When Ñ asked me to choose three books for 2025, I immediately thought of three very lovely people who left us this year and last year: Daniel Samoilovich, Edgardo Cozarinsky and Beatriz Sarloespecially for his posthumous book do not understand This is the result of unique and inspiring work. Another book that I really enjoyed was Lose your mind from Ariana Harwicz for dismantling the legal world and interpreting it against the grain of passions with the very strained relationship she has with the words: “Love is reparation, revenge. Love is hundreds of aggressive monkeys plundering believers at the door of a Buddhist temple. The law doesn’t understand, the judges don’t understand, or they act as if they have cognitive problems.” But I had the opportunity to read Exemplary smuggling from Pablo Mauretteand as soon as I finished it, I felt like writing.
Exemplary smuggling There is something anachronistic about it, and that paradoxically makes it very current: at the same time untimely and contemporary. At a time when we all feel in a situation dead endIn confusion because we do not know where the announced changes will lead, El Contraband Exemplar presents itself – or threatens to present itself – as a thesis novel about the course of Argentina, as if it wanted to respond to Martínez Estrada with a fiction. And not only that: it takes up the questions of the ancient novelists of the Latin American boom in a surprising way. García Márquez and José Donoso are quoted in the code, and the question from “The Conversation in the Cathedral” by Mario Vargas Llosa (“When did Peru get screwed?”) drives the story forward, even though it refers to our country.
Through two characters – one a Peronist, the other a gorilla – begins a reflection that, as could not be otherwise in the case of Maurette, goes back to the Italian Renaissance and its impact on the Río de la Plata. It is not the only leitmotif that relates to his other texts: some characters, such as Carlos María Pervinapo, come from earlier novels, and the eschatological passion that stands out in his essays also reappears.
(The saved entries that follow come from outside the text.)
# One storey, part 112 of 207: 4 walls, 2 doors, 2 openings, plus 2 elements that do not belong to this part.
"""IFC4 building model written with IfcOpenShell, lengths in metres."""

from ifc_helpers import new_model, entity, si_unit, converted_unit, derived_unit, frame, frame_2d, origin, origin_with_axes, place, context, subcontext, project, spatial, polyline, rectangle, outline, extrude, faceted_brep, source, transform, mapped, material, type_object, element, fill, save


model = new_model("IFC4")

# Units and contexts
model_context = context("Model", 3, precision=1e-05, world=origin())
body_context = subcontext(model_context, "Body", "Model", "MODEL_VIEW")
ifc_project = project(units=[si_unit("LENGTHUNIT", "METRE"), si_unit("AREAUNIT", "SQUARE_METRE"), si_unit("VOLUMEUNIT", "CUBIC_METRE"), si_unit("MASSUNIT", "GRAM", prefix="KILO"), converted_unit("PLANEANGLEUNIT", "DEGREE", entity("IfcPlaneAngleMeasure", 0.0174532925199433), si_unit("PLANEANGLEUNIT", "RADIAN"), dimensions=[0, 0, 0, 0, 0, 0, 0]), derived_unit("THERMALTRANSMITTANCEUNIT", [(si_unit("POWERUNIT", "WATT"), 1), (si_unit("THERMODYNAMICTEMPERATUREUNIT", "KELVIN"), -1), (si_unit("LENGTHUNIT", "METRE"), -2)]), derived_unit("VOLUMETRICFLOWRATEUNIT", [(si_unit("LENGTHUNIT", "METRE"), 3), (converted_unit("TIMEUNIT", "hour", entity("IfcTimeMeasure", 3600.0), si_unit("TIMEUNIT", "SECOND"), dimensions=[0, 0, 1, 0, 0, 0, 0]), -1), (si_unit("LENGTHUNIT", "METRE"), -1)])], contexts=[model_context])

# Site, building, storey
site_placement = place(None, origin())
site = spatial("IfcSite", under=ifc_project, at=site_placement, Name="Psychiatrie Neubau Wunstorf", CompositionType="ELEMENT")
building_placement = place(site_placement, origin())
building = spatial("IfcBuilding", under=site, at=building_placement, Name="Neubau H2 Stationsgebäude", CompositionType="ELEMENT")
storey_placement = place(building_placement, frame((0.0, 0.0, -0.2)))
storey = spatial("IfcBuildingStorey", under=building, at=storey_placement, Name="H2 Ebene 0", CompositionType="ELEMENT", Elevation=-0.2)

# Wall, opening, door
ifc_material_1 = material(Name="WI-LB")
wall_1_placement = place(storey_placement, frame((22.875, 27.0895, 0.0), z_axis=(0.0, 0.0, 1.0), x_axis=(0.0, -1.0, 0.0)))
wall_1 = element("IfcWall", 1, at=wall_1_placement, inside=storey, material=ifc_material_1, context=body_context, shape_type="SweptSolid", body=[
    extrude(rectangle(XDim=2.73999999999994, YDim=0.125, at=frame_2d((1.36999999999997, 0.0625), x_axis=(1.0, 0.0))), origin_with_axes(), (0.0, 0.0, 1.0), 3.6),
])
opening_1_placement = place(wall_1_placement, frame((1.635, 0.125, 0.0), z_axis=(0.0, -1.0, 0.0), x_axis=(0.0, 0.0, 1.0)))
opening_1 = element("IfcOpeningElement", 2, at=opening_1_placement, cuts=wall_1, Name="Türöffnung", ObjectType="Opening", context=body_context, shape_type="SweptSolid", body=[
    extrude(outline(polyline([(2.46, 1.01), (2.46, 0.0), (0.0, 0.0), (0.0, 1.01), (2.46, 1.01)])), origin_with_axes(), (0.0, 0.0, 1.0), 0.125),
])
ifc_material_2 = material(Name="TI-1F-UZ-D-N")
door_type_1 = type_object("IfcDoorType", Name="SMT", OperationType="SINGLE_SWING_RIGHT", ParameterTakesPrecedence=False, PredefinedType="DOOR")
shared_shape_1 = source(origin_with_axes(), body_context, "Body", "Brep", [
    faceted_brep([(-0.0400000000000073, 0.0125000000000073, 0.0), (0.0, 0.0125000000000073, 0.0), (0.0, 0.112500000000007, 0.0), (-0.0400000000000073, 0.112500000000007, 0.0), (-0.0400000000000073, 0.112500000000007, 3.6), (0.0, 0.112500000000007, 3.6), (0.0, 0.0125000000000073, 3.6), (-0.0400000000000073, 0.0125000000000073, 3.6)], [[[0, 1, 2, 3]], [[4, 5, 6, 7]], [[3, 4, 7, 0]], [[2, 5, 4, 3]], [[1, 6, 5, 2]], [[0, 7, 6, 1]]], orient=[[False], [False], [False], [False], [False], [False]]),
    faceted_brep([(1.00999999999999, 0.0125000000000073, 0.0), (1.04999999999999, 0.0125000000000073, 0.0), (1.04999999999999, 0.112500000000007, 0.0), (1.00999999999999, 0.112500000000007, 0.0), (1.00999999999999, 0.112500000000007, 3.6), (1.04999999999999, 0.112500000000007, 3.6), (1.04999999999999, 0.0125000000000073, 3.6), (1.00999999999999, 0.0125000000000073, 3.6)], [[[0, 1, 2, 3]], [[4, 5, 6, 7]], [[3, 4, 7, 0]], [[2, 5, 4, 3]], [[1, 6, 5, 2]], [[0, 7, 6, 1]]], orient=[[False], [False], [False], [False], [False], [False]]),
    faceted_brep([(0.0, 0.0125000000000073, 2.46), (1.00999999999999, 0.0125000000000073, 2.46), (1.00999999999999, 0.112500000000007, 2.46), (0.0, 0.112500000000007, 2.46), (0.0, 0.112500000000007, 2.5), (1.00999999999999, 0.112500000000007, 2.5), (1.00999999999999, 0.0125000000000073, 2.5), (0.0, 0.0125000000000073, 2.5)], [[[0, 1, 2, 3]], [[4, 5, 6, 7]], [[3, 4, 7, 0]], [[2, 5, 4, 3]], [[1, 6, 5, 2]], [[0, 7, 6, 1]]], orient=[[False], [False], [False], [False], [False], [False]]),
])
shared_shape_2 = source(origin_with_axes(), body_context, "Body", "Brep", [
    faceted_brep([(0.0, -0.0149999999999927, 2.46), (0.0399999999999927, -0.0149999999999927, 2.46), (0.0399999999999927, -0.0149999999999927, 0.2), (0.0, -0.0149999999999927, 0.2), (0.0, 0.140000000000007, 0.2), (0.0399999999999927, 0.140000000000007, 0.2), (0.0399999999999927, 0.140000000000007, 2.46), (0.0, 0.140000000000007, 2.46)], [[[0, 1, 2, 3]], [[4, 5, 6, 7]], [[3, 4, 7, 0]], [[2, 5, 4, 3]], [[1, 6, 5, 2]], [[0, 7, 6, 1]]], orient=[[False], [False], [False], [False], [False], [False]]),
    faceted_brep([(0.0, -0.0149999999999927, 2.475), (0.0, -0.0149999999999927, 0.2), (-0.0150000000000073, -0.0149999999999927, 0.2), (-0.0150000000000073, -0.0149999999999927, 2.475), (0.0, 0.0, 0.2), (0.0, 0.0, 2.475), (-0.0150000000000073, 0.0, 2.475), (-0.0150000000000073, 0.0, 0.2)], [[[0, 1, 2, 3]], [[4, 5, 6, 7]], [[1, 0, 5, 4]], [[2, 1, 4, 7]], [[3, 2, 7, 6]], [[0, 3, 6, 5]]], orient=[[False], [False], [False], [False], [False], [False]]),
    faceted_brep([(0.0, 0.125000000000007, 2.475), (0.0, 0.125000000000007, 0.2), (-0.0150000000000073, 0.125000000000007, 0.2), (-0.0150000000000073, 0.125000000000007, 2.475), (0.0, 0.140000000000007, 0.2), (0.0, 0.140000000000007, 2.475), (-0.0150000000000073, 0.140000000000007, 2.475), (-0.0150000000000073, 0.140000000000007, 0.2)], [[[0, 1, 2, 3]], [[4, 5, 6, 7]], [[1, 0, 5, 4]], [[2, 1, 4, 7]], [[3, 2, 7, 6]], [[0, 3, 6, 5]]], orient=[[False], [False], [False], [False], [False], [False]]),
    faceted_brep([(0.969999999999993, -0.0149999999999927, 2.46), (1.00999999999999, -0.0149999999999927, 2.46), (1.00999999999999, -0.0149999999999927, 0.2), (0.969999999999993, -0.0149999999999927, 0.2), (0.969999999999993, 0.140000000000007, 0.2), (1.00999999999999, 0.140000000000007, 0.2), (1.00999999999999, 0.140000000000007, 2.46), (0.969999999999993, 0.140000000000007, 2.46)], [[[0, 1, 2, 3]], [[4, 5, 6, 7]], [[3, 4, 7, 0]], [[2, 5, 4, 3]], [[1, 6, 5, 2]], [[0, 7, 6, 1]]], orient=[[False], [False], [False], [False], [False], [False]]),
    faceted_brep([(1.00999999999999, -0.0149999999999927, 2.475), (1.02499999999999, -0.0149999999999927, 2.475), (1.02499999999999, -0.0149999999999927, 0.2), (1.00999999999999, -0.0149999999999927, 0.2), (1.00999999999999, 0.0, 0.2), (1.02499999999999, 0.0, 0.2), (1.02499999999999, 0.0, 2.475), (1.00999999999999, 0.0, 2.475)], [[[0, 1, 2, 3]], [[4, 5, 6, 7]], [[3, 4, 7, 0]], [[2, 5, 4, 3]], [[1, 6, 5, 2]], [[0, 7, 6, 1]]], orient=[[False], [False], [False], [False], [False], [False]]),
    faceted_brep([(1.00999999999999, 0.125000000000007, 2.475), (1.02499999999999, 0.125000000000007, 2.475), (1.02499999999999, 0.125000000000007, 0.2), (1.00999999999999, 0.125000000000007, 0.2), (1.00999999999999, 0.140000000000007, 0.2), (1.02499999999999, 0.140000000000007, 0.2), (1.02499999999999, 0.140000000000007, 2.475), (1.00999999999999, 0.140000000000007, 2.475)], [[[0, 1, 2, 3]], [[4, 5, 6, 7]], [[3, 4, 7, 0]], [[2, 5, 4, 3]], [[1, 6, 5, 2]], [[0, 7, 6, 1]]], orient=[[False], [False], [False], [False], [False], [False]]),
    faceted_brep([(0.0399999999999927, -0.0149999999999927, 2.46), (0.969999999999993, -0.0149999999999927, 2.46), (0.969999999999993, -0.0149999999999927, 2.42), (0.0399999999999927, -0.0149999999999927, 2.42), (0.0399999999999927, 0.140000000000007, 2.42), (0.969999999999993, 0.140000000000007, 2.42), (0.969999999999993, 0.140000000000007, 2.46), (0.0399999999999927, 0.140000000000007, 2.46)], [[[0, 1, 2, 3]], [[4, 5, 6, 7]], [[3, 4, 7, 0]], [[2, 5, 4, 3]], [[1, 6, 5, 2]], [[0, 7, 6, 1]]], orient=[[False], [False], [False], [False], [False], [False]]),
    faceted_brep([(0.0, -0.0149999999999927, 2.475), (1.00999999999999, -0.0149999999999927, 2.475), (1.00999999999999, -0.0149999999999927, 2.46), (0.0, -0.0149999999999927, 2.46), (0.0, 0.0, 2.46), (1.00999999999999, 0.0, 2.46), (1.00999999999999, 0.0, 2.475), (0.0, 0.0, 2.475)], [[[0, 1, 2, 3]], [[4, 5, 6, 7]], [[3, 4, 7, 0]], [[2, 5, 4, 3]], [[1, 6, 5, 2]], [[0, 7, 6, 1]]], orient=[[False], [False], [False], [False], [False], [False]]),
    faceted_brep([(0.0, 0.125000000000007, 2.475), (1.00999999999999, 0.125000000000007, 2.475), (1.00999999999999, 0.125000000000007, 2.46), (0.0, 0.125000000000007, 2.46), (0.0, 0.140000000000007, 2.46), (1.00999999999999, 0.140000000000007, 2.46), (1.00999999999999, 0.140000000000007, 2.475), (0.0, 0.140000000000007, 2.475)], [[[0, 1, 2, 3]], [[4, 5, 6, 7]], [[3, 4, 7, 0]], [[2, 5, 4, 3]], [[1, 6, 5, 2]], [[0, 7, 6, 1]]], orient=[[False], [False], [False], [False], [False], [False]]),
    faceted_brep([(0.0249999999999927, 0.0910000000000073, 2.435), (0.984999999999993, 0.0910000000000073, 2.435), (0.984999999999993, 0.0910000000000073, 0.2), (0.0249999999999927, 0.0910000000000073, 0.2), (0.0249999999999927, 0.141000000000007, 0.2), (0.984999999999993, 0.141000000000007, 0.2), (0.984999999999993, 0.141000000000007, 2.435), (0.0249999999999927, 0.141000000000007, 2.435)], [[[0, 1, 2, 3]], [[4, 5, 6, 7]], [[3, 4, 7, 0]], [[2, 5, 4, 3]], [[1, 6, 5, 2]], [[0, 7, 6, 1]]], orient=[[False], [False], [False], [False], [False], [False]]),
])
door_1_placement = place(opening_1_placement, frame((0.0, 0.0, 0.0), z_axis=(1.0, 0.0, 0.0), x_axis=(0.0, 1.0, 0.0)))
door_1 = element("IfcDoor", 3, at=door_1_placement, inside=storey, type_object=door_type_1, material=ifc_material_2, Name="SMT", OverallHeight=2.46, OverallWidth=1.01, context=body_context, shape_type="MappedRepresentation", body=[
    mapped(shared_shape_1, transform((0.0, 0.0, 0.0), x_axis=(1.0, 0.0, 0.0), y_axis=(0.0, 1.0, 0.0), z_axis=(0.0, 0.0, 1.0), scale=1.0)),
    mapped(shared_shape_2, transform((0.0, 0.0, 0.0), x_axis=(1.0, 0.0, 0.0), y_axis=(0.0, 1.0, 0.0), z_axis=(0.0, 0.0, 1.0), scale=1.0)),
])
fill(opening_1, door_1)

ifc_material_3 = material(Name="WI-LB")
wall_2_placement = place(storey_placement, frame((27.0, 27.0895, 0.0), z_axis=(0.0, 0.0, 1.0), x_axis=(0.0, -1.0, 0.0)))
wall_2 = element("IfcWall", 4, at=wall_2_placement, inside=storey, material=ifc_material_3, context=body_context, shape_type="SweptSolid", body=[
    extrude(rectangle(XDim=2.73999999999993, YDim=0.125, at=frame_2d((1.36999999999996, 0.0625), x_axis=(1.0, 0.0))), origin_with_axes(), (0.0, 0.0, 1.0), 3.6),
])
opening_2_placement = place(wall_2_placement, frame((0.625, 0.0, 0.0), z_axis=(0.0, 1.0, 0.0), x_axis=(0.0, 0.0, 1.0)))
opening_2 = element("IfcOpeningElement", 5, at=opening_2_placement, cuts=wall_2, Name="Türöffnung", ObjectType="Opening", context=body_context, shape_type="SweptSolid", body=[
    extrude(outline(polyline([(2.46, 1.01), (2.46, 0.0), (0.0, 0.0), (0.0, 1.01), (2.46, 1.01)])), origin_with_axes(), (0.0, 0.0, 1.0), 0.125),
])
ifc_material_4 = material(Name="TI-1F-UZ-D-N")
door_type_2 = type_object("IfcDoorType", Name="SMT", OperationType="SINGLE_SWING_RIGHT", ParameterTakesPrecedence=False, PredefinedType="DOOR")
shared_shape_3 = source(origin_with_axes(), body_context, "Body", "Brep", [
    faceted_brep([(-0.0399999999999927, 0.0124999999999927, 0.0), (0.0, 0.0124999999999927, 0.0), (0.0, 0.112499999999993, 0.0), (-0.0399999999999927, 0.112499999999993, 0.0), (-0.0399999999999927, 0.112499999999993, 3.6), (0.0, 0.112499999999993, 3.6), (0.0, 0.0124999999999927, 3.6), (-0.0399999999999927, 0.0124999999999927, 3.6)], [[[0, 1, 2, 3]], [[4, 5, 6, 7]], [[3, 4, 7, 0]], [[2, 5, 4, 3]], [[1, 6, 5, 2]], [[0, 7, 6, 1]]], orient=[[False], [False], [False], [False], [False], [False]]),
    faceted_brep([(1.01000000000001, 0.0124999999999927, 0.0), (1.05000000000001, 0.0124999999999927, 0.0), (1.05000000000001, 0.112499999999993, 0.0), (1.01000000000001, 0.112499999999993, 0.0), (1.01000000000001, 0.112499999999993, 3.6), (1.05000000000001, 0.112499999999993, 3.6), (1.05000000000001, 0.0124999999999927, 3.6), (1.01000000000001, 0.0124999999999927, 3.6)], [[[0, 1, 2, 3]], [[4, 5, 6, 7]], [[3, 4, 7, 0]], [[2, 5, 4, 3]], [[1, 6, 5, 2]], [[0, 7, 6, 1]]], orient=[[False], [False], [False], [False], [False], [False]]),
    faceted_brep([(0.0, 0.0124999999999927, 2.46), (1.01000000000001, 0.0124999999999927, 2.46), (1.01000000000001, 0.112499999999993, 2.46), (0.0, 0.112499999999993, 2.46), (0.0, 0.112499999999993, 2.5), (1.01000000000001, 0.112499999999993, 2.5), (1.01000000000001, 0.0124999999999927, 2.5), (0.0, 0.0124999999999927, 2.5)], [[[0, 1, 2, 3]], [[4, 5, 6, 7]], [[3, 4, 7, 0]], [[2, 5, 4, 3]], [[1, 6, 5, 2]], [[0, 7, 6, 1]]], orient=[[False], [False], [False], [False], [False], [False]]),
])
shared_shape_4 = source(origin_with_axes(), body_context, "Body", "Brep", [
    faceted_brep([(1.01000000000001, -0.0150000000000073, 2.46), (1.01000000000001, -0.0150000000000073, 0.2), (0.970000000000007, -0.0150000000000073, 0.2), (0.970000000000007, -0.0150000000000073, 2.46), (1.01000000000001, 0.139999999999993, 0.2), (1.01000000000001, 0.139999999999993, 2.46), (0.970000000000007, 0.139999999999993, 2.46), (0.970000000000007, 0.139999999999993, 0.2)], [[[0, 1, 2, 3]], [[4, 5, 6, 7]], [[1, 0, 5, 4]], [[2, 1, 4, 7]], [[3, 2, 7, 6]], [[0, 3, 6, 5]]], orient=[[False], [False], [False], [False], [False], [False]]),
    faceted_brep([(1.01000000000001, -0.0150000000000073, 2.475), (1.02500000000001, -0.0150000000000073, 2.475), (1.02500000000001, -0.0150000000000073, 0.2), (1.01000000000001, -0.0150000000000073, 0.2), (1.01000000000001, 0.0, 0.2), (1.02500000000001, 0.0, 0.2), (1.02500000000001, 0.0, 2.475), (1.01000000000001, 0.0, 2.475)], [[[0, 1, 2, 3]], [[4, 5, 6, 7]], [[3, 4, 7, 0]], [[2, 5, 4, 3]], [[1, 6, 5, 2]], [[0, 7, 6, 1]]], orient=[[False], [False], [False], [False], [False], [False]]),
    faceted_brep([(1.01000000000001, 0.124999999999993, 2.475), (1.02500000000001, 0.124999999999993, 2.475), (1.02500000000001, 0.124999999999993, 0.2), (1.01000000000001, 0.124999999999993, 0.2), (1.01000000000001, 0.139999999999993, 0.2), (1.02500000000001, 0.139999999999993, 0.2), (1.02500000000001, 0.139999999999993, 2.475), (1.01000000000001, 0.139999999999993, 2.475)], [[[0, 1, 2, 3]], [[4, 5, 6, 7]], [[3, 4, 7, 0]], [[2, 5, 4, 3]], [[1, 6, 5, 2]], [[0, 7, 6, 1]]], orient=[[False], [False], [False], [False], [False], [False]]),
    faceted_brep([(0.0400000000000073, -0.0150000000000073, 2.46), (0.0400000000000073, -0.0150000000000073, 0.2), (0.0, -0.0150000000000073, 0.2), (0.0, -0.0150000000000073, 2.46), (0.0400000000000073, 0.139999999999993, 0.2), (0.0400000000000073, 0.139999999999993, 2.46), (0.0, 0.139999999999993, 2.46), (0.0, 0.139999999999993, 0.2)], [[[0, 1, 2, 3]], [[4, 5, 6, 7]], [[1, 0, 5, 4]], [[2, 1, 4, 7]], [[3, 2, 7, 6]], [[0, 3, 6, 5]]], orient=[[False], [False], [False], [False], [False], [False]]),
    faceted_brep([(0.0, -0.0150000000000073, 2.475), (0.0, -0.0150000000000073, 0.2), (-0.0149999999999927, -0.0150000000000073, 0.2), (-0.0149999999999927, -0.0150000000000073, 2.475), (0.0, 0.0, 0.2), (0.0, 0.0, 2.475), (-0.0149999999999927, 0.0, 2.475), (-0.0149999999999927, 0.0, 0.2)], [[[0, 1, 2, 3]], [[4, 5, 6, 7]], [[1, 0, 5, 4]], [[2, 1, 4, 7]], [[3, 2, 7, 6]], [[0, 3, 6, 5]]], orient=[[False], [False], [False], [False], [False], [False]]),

The first answer to Vargas Llosa’s question is given by the invention of fictions. But there are not only references to the 15th, 16th and 17th centuries – learned, as the author is used to us – but also rock songs and folkloric stories, Emilio Salgari and the Arabian Nights, Argentine writers (Sarmiento, Borges, Mujica Láinez, Chejfec) and, beyond that, Sebald and Virgilio. There are many ready-made sentences (“The fate of the ugly, the pretty wants it”, “May you be garúe finito”) and other coded sentences, such as “What good air this country has!” by Sancho del Campo. All this knowledge appears as materials that the fictional imagination chops up and reassembles.
The interpretation of Argentine society as anomic in Carlos Nino’s sense – which, according to the novel, begins with the “parainstitutional interlope trade” of the Viceroyalty period (interlope is a colonial term for fraud and illegality) – does not play as big a role as an idea (hence it is not an essay), although sociological hypotheses are embedded here and there: the miniature treatise that opposes ethics and politics; the definition of “autobiography as a branch of pornography”; or the relationships between San Francisco and modernity and the role of narrative in returning to the origins of humanism and then returning to the present: “Without a return journey there is no history.” Maurette continues what I once called peripheral cosmopolitanism, defined in relation to European culture. However, as one reads in The Exemplary Contraband, “novels explain nothing.”
This entire world of texts – which also includes historical research papers – is a quarry from which emerge stories in which theft, plagiarism, plunder and frustration reign. In this way, the novel actually reaches a more radical level: the body’s fear of the monstrous and the need to tell, although, as the narrator confesses, “I’m afraid to put it into words and make it more real.” The birth of the monster, the abnormal and wonderful births of monsters, is the puzzle of one’s imagination, because there are the fundamental questions. Therefore, the novel’s only possible form is that of the monster: a deformed form composed of white-hot remains to defeat boredom and affirm life.
Quevedo wrote that “life begins in tears and feces,” but he also explained that after death “they will be ashes, but it will make sense.” It is inscribed in this monstrous logic, in this smuggling of invented fictions, in this interval between the eschatological and the fantasy Exemplary smuggling.
Exemplary smugglingPablo Maurette. Anagrama Editorial, 344 pages.